-- Given records follows --

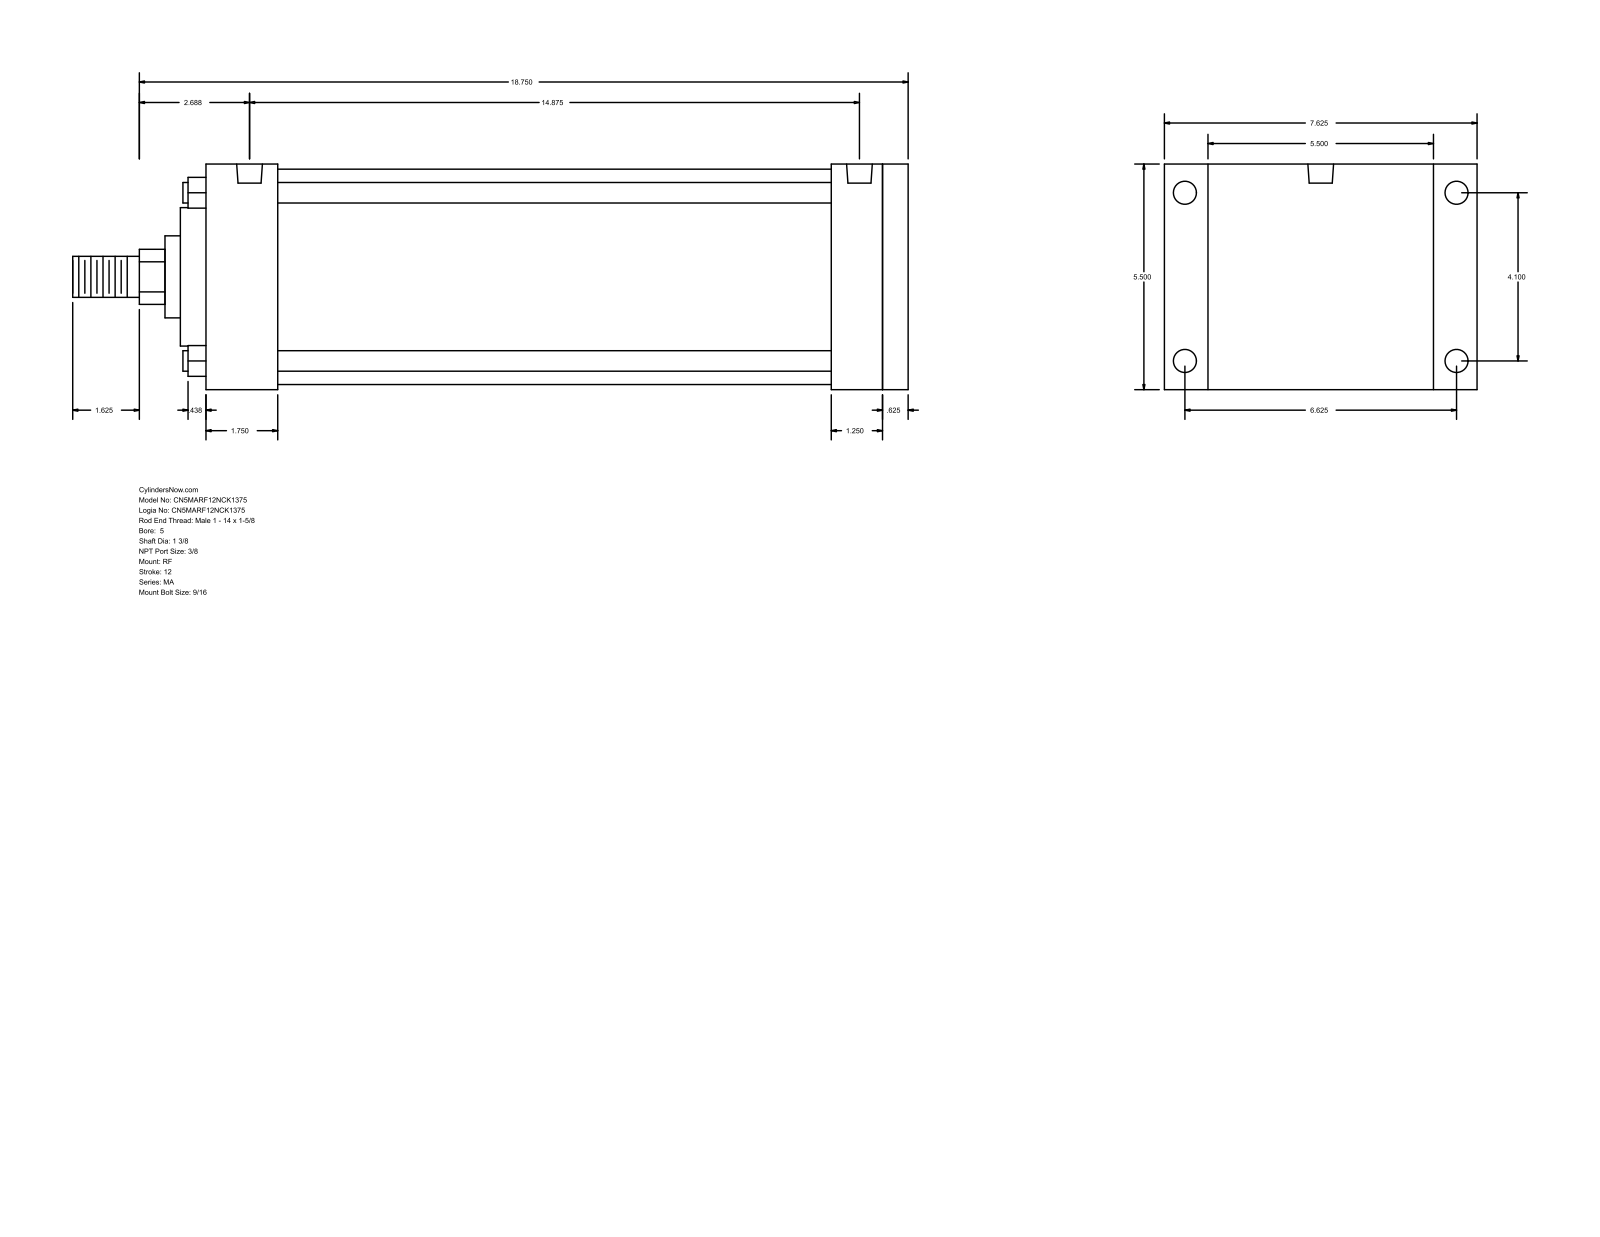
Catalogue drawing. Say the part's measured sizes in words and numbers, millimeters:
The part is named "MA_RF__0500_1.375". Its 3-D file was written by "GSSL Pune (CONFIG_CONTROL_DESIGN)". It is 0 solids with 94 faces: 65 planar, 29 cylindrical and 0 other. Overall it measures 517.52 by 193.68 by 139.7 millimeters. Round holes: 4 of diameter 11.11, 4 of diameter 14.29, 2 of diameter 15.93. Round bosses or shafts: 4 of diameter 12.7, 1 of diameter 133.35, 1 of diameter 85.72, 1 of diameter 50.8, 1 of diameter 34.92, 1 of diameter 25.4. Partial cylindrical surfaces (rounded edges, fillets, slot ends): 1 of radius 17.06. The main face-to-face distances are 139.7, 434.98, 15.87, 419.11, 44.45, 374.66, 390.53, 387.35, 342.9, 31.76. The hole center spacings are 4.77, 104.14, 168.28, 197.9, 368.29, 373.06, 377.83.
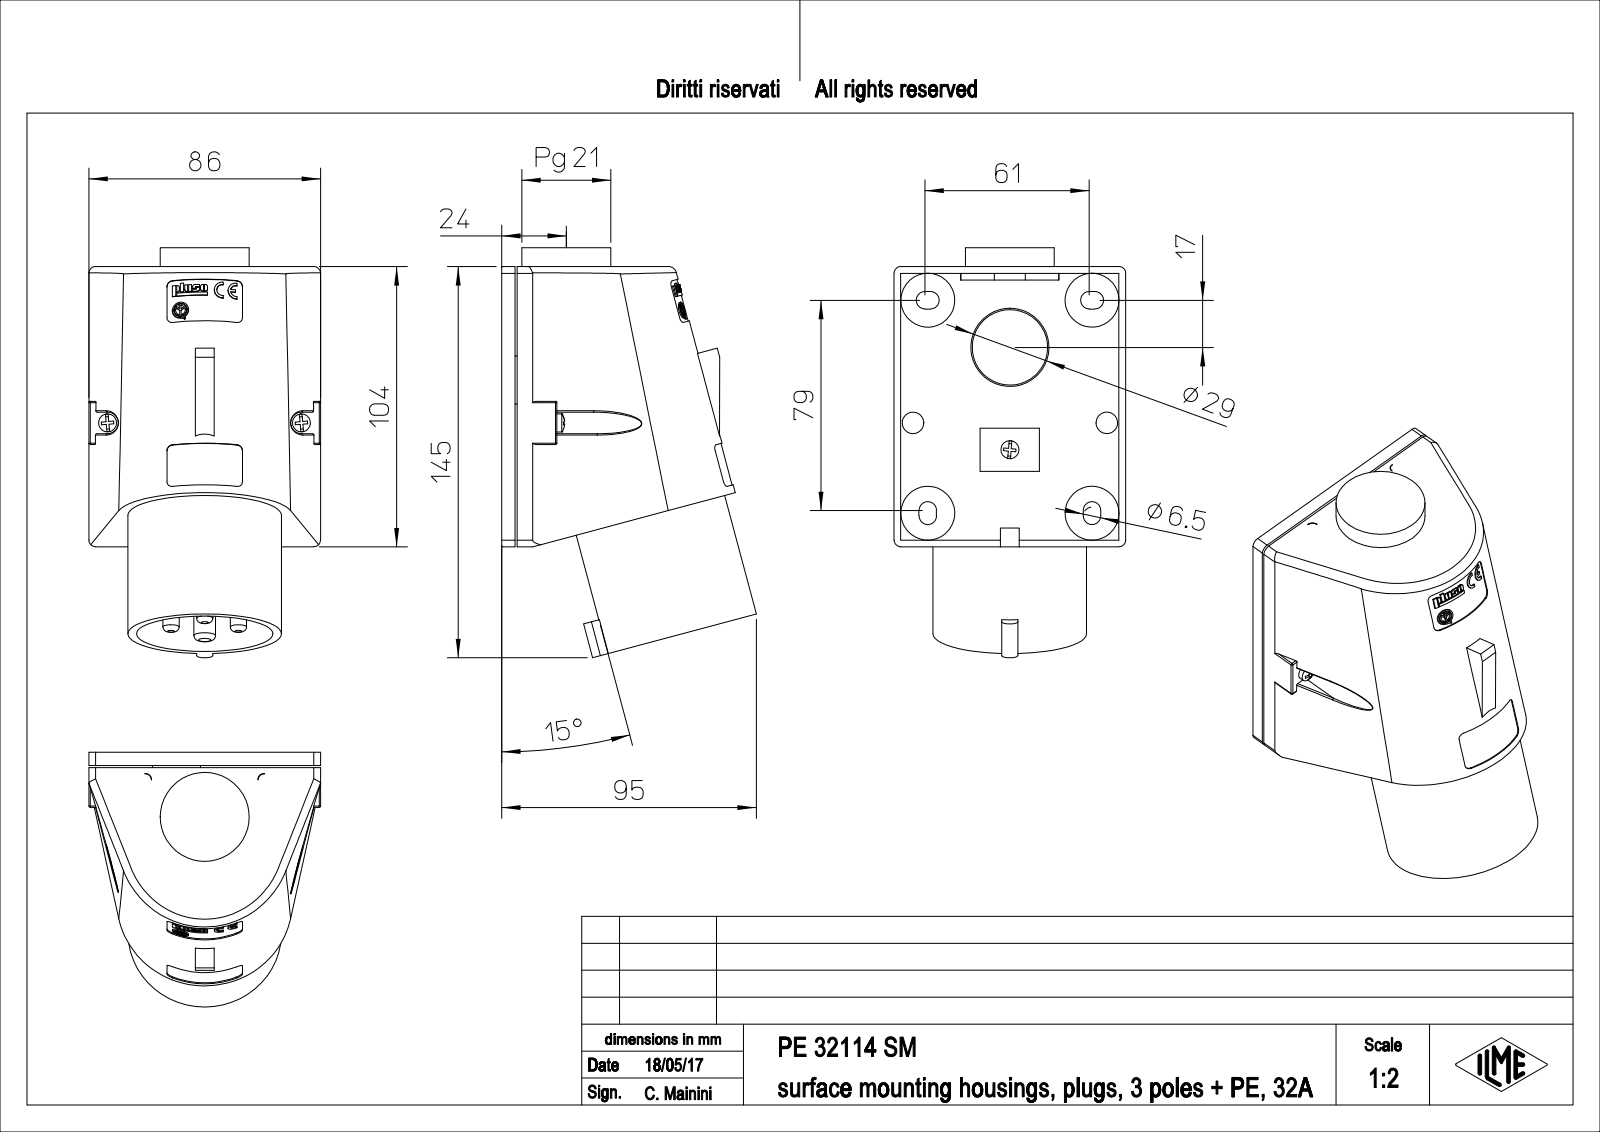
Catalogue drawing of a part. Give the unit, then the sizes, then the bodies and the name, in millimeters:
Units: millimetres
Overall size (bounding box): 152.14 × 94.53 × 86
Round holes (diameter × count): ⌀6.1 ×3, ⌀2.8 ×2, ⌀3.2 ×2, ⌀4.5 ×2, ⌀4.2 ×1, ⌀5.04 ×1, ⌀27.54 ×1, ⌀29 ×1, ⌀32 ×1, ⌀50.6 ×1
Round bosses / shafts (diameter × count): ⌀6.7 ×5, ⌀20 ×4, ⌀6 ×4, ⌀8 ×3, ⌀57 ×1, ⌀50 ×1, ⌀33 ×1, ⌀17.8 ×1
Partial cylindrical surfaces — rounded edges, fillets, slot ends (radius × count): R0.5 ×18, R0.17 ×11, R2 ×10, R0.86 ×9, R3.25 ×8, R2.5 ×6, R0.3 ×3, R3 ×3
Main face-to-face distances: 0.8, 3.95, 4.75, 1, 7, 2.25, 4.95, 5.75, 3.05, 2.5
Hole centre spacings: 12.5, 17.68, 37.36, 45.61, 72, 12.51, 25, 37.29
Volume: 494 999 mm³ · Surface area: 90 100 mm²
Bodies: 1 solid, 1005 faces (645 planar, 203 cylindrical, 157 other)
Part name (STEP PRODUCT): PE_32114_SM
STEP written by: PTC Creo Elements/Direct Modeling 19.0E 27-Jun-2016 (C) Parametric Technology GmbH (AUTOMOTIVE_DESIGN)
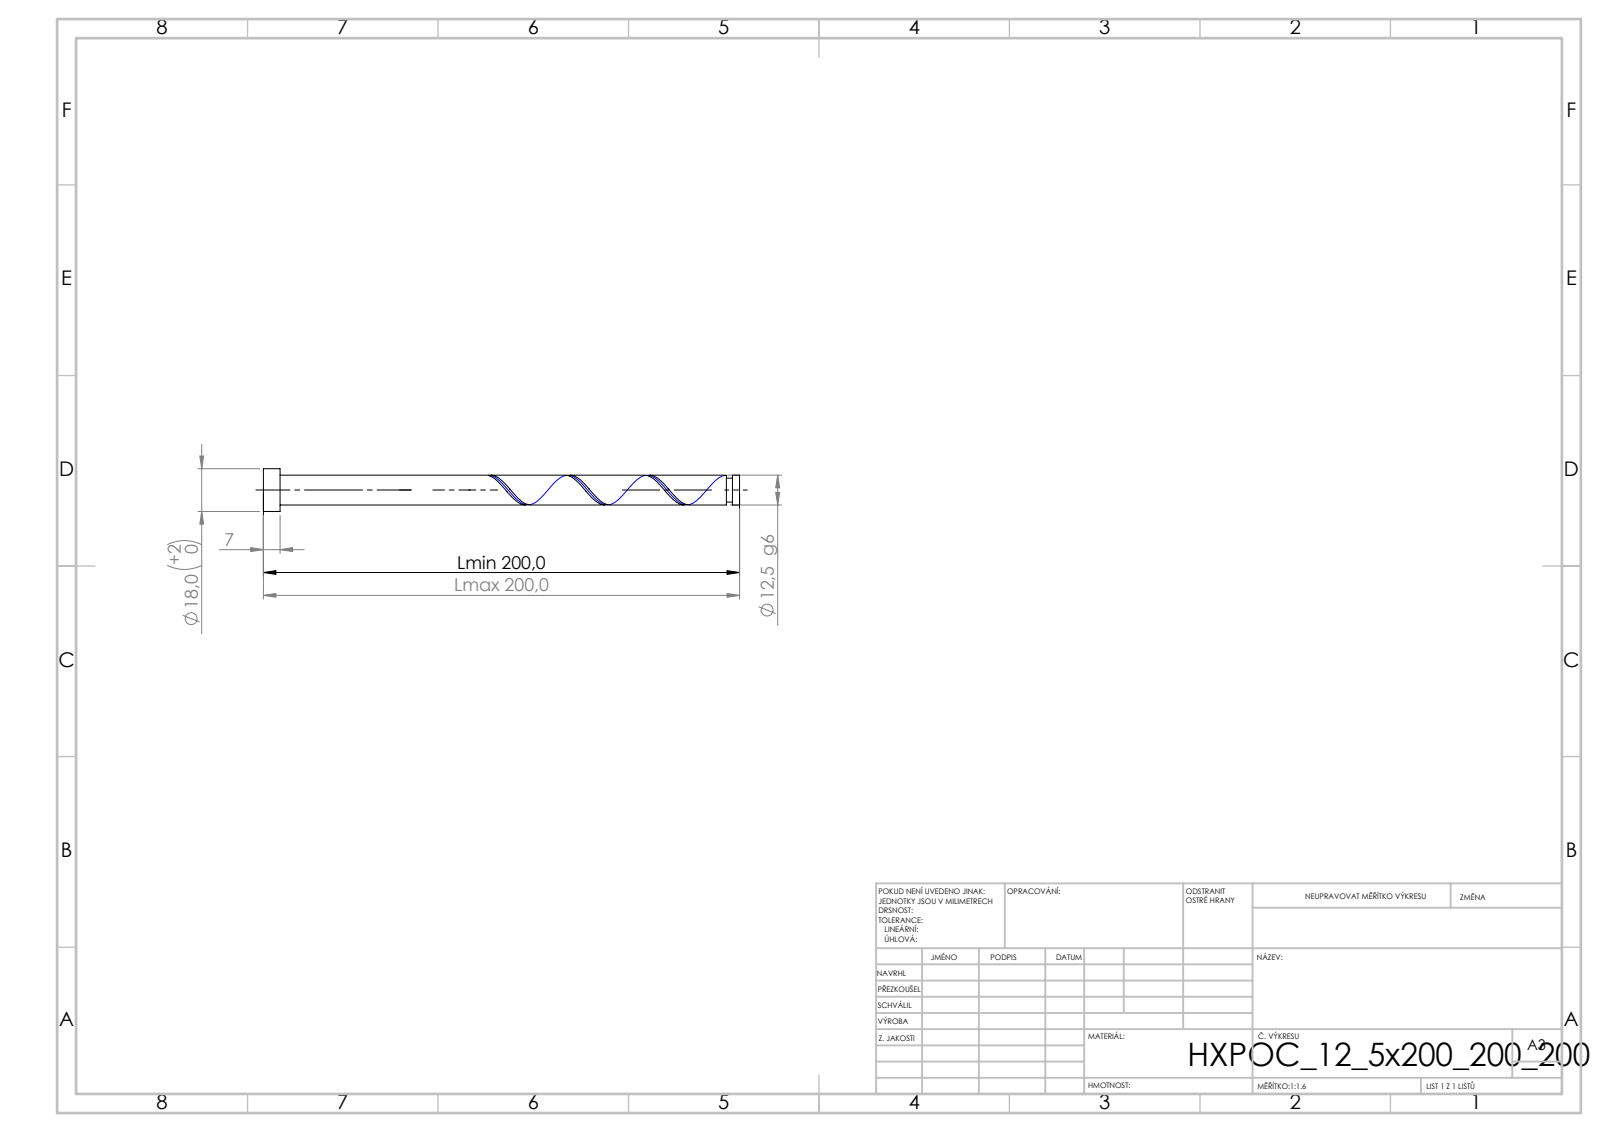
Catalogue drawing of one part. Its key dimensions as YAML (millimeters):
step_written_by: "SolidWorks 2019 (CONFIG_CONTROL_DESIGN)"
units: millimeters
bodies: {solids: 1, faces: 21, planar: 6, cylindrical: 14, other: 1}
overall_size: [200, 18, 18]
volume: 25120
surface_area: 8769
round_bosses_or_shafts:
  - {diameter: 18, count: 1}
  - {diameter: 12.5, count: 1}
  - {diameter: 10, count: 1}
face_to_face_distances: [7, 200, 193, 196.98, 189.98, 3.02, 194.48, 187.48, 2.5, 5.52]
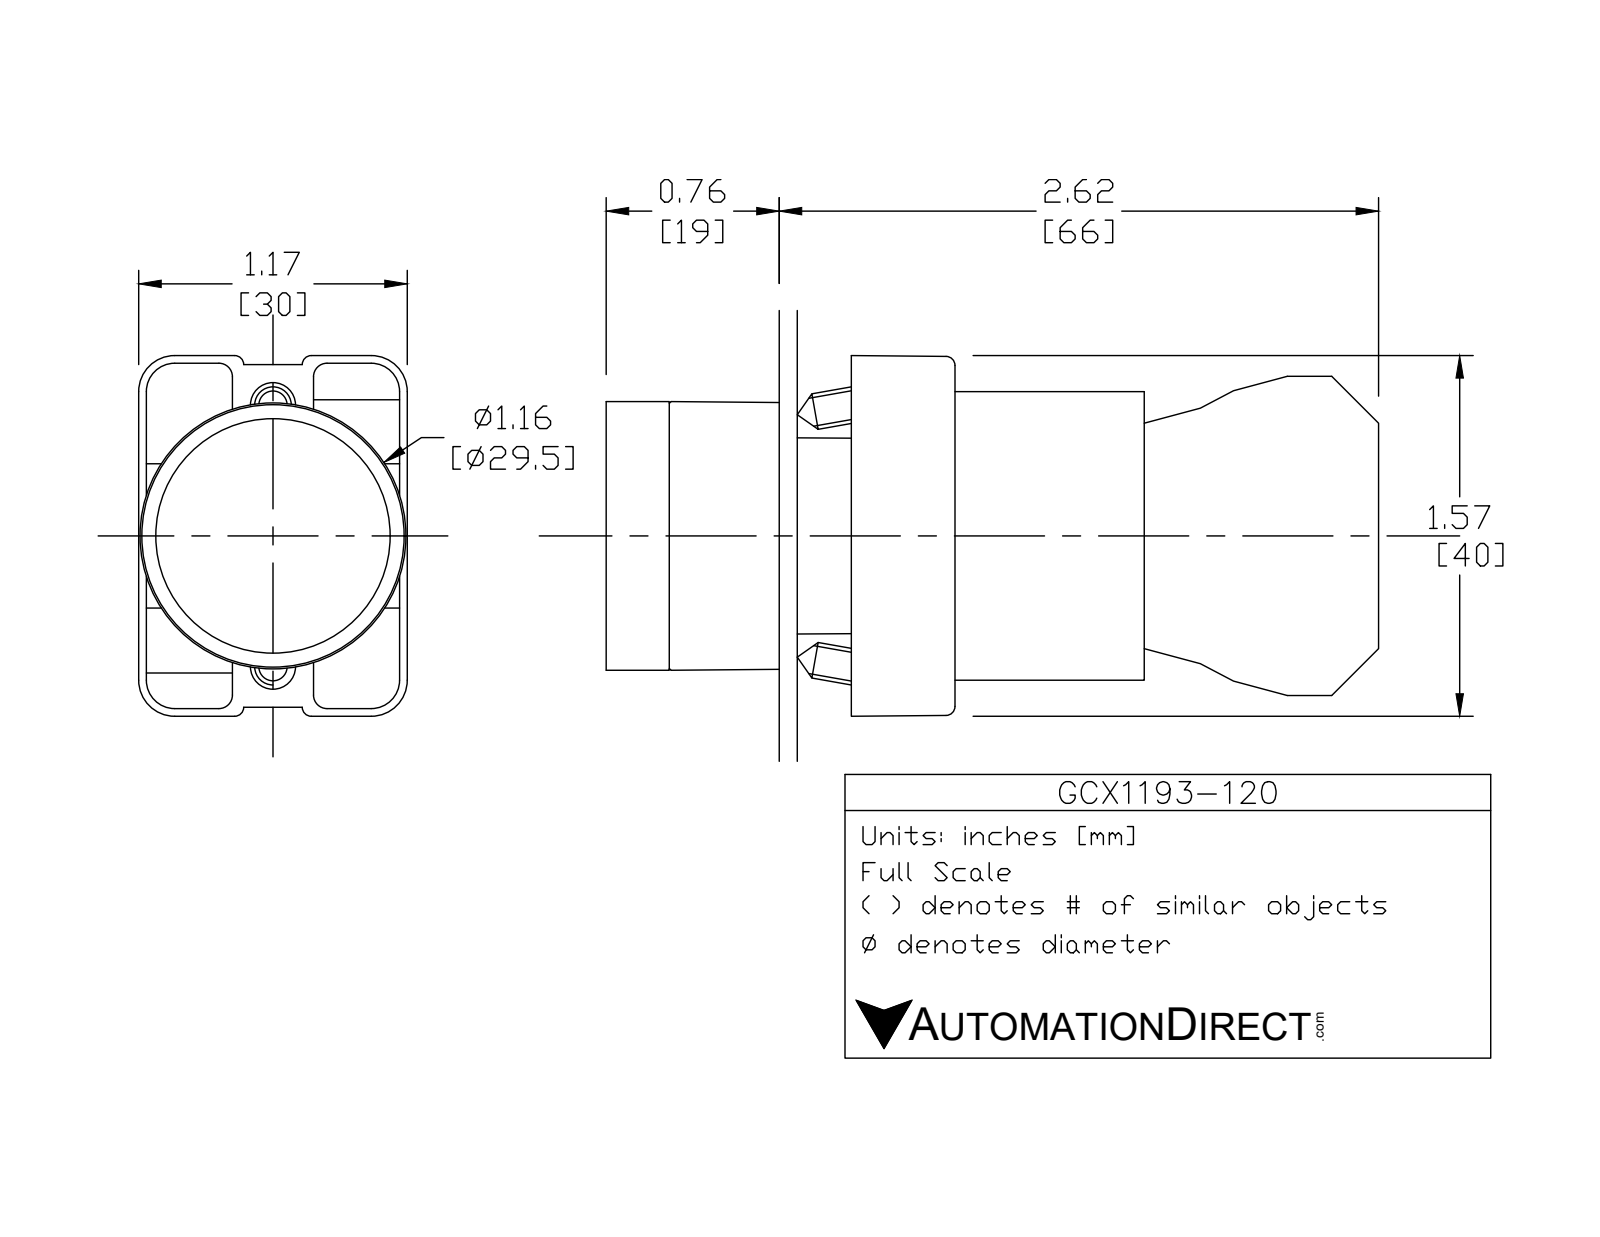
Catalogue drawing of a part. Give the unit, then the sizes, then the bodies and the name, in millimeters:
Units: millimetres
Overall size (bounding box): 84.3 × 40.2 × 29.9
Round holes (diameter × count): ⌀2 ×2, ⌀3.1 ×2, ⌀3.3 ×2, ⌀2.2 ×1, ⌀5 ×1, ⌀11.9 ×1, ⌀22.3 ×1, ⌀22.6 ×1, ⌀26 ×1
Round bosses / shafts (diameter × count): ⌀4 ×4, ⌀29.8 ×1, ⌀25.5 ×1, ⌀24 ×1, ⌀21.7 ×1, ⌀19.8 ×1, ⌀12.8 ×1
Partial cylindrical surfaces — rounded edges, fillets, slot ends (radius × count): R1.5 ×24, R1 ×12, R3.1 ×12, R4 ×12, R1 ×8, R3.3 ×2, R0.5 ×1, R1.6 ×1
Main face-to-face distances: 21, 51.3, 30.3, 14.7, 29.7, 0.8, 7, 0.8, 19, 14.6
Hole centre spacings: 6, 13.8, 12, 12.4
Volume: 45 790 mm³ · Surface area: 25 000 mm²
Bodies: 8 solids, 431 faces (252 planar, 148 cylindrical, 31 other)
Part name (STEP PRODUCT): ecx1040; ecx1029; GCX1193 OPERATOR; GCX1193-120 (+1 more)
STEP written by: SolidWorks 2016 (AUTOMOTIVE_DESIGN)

-- Given records concluded --

## Exercise
Any picture in the data is to be skipped, while each line is returned exactly as written.

## Task result
Catalogue drawing. Say the part's measured sizes in words and numbers, millimeters:
The part is named "MA_RF__0500_1.375". Its 3-D file was written by "GSSL Pune (CONFIG_CONTROL_DESIGN)". It is 0 solids with 94 faces: 65 planar, 29 cylindrical and 0 other. Overall it measures 517.52 by 193.68 by 139.7 millimeters. Round holes: 4 of diameter 11.11, 4 of diameter 14.29, 2 of diameter 15.93. Round bosses or shafts: 4 of diameter 12.7, 1 of diameter 133.35, 1 of diameter 85.72, 1 of diameter 50.8, 1 of diameter 34.92, 1 of diameter 25.4. Partial cylindrical surfaces (rounded edges, fillets, slot ends): 1 of radius 17.06. The main face-to-face distances are 139.7, 434.98, 15.87, 419.11, 44.45, 374.66, 390.53, 387.35, 342.9, 31.76. The hole center spacings are 4.77, 104.14, 168.28, 197.9, 368.29, 373.06, 377.83.
Catalogue drawing of a part. Give the unit, then the sizes, then the bodies and the name, in millimeters:
Units: millimetres
Overall size (bounding box): 152.14 × 94.53 × 86
Round holes (diameter × count): ⌀6.1 ×3, ⌀2.8 ×2, ⌀3.2 ×2, ⌀4.5 ×2, ⌀4.2 ×1, ⌀5.04 ×1, ⌀27.54 ×1, ⌀29 ×1, ⌀32 ×1, ⌀50.6 ×1
Round bosses / shafts (diameter × count): ⌀6.7 ×5, ⌀20 ×4, ⌀6 ×4, ⌀8 ×3, ⌀57 ×1, ⌀50 ×1, ⌀33 ×1, ⌀17.8 ×1
Partial cylindrical surfaces — rounded edges, fillets, slot ends (radius × count): R0.5 ×18, R0.17 ×11, R2 ×10, R0.86 ×9, R3.25 ×8, R2.5 ×6, R0.3 ×3, R3 ×3
Main face-to-face distances: 0.8, 3.95, 4.75, 1, 7, 2.25, 4.95, 5.75, 3.05, 2.5
Hole centre spacings: 12.5, 17.68, 37.36, 45.61, 72, 12.51, 25, 37.29
Volume: 494 999 mm³ · Surface area: 90 100 mm²
Bodies: 1 solid, 1005 faces (645 planar, 203 cylindrical, 157 other)
Part name (STEP PRODUCT): PE_32114_SM
STEP written by: PTC Creo Elements/Direct Modeling 19.0E 27-Jun-2016 (C) Parametric Technology GmbH (AUTOMOTIVE_DESIGN)
Catalogue drawing of one part. Its key dimensions as YAML (millimeters):
step_written_by: "SolidWorks 2019 (CONFIG_CONTROL_DESIGN)"
units: millimeters
bodies: {solids: 1, faces: 21, planar: 6, cylindrical: 14, other: 1}
overall_size: [200, 18, 18]
volume: 25120
surface_area: 8769
round_bosses_or_shafts:
  - {diameter: 18, count: 1}
  - {diameter: 12.5, count: 1}
  - {diameter: 10, count: 1}
face_to_face_distances: [7, 200, 193, 196.98, 189.98, 3.02, 194.48, 187.48, 2.5, 5.52]
Catalogue drawing of a part. Give the unit, then the sizes, then the bodies and the name, in millimeters:
Units: millimetres
Overall size (bounding box): 84.3 × 40.2 × 29.9
Round holes (diameter × count): ⌀2 ×2, ⌀3.1 ×2, ⌀3.3 ×2, ⌀2.2 ×1, ⌀5 ×1, ⌀11.9 ×1, ⌀22.3 ×1, ⌀22.6 ×1, ⌀26 ×1
Round bosses / shafts (diameter × count): ⌀4 ×4, ⌀29.8 ×1, ⌀25.5 ×1, ⌀24 ×1, ⌀21.7 ×1, ⌀19.8 ×1, ⌀12.8 ×1
Partial cylindrical surfaces — rounded edges, fillets, slot ends (radius × count): R1.5 ×24, R1 ×12, R3.1 ×12, R4 ×12, R1 ×8, R3.3 ×2, R0.5 ×1, R1.6 ×1
Main face-to-face distances: 21, 51.3, 30.3, 14.7, 29.7, 0.8, 7, 0.8, 19, 14.6
Hole centre spacings: 6, 13.8, 12, 12.4
Volume: 45 790 mm³ · Surface area: 25 000 mm²
Bodies: 8 solids, 431 faces (252 planar, 148 cylindrical, 31 other)
Part name (STEP PRODUCT): ecx1040; ecx1029; GCX1193 OPERATOR; GCX1193-120 (+1 more)
STEP written by: SolidWorks 2016 (AUTOMOTIVE_DESIGN)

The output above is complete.